Stealing identity cards has become standard practice for Zanu-PF militias. Without ID, opposition supporters will be prevented from voting on June 27.
"They took me to their base," says Yvonne. "One guy raped me on the way. They poured cold water on me all night, so I was freezing. They beat me over and over again with rods. They beat my genitals, legs, back, buttocks and head. They called me names. They said I was a dog because I supported Tsvangirai."
Yvonne's body is covered with deep bruises, which remain painful a week after the attack. But she discovered more hardship after being released: "When I got home I found they had taken everything from my house and they had destroyed it right down to the ground."
Epworth, where the three women live, is a poor suburb of Harare. Houses are roughly built of breezeblock and muddy cement. Most lack drainage or electricity. The area is named after the Lincolnshire birthplace of John Wesley, and Methodist missionaries still operate here. It is a natural heartland for the opposition Movement for Democratic Change (MDC).
HIV fears
Until June, Zanu-PF was content to ignore urban areas–which form only 20% of parliamentary constituencies–believing it could win simply by dominating the rural vote.
But it is now clear that Robert Mugabe cannot count on his traditional supporters, who have grown weary of relentless economic decline and hunger. So Zanu-PF is bussing militias into urban areas to terrorize MDC voters and deter them from turning out to vote in the presidential run-off.

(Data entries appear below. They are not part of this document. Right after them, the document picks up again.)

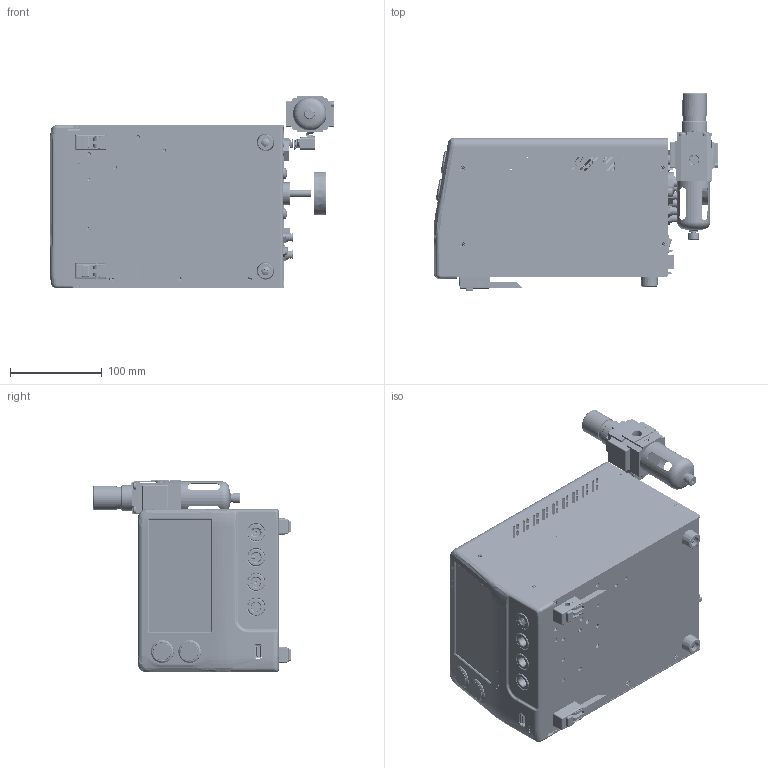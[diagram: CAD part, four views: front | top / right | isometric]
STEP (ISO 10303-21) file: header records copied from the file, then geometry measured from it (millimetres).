
FILE_DESCRIPTION (( 'STEP AP203' ), '1' );
FILE_NAME ('301234.STEP', '2024-10-16T17:28:02', ( '' ), ( '' ), 'SwSTEP 2.0', 'SolidWorks 2023', '' );
FILE_SCHEMA (( 'CONFIG_CONTROL_DESIGN' ));
Length unit declared in the file: inch
Products named in the file (1): 301234
Bounding box: 309.24 x 215.55 x 209.73 mm (x, y, z)
Surface area: 601122.7 mm2 (no closed solid volume)
Topology: 0 solids, 919 shells, 3489 faces, 20483 edges, 17622 vertices
Faces by surface type: plane 2057, cylinder 763, bspline 304, cone 244, torus 89, sphere 32
Full cylindrical faces by diameter (mm): 0.13 x1, 0.25 x6, 1.587 x1, 1.588 x1, 1.702 x1, 2.438 x5, 2.705 x4, 3.175 x5, 3.454 x1, 3.505 x2, 3.556 x1, 3.97 x6, 4 x2, 4.039 x5, 4.14 x3, 4.166 x1, 4.2 x4, 4.6 x1, 4.762 x15, 4.763 x2, 4.826 x2, 4.953 x3, 5 x7, 5.08 x4, 5.664 x1, 5.715 x1, 6 x1, 7.518 x1, 7.798 x1, 7.937 x1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
Entity records: 266067 total; most frequent: CARTESIAN_POINT 124962, ORIENTED_EDGE 24470, DIRECTION 24397, EDGE_CURVE 19884, VERTEX_POINT 17447, VECTOR 11805, LINE 11805, AXIS2_PLACEMENT_3D 6296
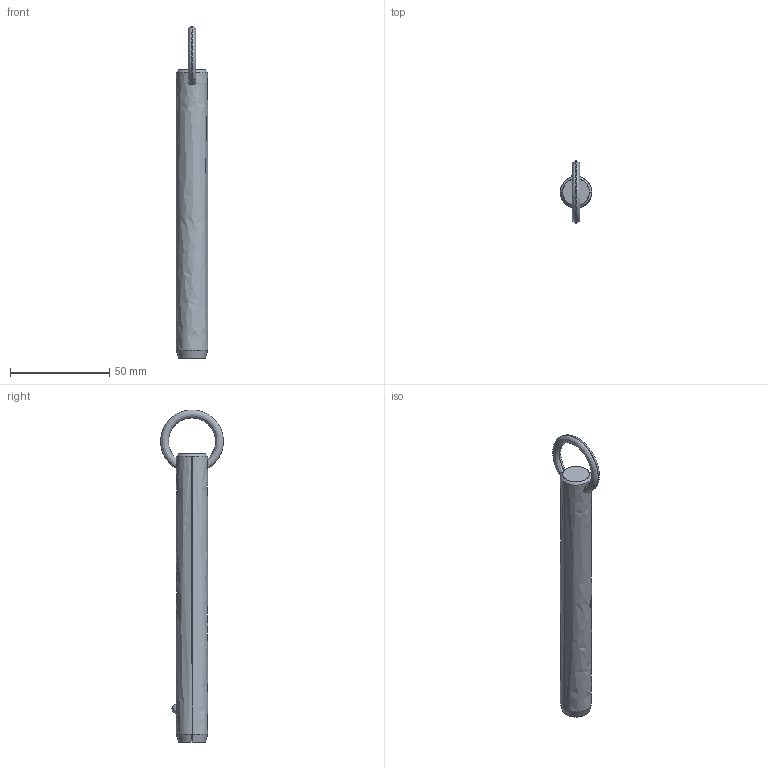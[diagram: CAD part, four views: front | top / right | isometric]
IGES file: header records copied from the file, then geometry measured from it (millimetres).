
Start section: SolidWorks IGES file using analytic representation for surfaces
Global section: file name: C:\Users\liam_\OneDrive\Documents\WORK\Work for WixRoyd\Job Files\J-00019 - Matt Davis CAD Checking\04. CAD Drawings\automotion20190605\P1250.2_v2\P1250.2_v2_20190729_IGES\P1250.062-460.igs; native system: SolidWorks 2017; preprocessor: SolidWorks 2017; author: liam_; date: 190729.233816; units: millimetre
Bounding box: 15.8 x 31.66 x 167.5 mm (x, y, z)
Surface area: 8386.1 mm2 (no closed solid volume)
Topology: 0 solids, 0 shells, 12 faces, 292 edges, 290 vertices
Faces by surface type: revolution 8, bspline 4

In Zimbabwe, where at least one-quarter of young men are infected with HIV, the consequences of rape are potentially lethal. The women, who were all confident of their negative status, are waiting for the results of HIV tests.
"I am stressed especially about the rape," says Yvonne angrily. "I have contracted an STD from the rape. I wish God would take them all. Mugabe is a pig. I wish he would die."
Liza is more fearful than angry: "I am stressed because I have two children. They poisoned my husband and he is in the ground since 2006. Maybe I am HIV positive now because of these guys. Who will look after my children if I get Aids? To be raped is like death."
On the other side of Harare, members of Woza have now been held for three weeks in the notorious Chikurubi jail.
"We marched on May 28," says Annie Sibanda, a spokeswoman for Woza. "The plan was to march from the UN office to the Zambian embassy. We handed in a petition at the UN office calling for action to end the violence and for a peaceful, free and fair election.
"Fourteen of us we were arrested in central Harare. Our members are just ordinary Zimbabwean women–housewives, mothers. The riot police beat our driver a few times and beat one of our members. Two passersby intervened and asked the police to stop beating the woman, but the police just arrested them too."
'Kenya-style violence'
The 14 women were charged with holding an illegal demonstration with the intent to promote violence.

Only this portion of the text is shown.